● **Required action**:
Repeat exactly the lines from the first line of the records through the line containing "FILE_DESCRIPTION(/* description */", and nothing more.

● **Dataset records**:

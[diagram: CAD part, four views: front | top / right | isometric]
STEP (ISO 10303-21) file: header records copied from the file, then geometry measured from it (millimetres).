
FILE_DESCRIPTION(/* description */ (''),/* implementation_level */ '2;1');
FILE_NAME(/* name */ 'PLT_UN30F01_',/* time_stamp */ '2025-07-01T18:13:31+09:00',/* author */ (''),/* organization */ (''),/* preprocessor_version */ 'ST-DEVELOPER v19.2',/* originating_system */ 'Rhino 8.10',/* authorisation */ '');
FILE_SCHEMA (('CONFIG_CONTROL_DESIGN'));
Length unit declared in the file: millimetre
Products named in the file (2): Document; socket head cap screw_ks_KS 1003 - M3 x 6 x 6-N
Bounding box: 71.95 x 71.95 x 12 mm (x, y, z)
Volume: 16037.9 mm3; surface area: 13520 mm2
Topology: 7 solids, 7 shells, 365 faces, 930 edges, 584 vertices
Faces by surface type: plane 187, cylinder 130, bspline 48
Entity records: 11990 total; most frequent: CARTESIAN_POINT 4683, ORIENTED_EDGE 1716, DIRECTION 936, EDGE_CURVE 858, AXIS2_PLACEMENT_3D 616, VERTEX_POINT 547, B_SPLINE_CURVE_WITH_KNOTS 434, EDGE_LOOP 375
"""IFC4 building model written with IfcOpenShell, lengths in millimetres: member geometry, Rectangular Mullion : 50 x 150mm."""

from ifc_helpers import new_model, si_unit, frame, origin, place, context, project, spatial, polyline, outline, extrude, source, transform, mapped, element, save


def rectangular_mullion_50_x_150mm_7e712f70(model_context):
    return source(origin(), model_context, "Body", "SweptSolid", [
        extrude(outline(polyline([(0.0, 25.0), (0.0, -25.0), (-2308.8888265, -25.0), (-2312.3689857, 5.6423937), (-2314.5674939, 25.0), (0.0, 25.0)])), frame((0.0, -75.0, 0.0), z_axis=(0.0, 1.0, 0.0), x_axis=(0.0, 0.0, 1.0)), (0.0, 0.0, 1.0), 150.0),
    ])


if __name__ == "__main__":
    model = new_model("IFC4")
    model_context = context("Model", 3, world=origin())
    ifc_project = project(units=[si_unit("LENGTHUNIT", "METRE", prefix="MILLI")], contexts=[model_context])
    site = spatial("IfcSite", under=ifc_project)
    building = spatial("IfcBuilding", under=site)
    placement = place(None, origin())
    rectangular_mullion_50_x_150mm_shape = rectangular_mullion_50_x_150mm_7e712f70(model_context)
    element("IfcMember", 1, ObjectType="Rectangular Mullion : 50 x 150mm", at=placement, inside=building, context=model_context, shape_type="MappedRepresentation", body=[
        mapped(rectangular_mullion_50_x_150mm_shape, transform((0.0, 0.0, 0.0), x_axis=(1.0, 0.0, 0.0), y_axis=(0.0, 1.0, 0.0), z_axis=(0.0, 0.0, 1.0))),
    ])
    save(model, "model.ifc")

● **Task output**:
[diagram: CAD part, four views: front | top / right | isometric]
STEP (ISO 10303-21) file: header records copied from the file, then geometry measured from it (millimetres).
FILE_DESCRIPTION(/* description */ (''),/* implementation_level */ '2;1');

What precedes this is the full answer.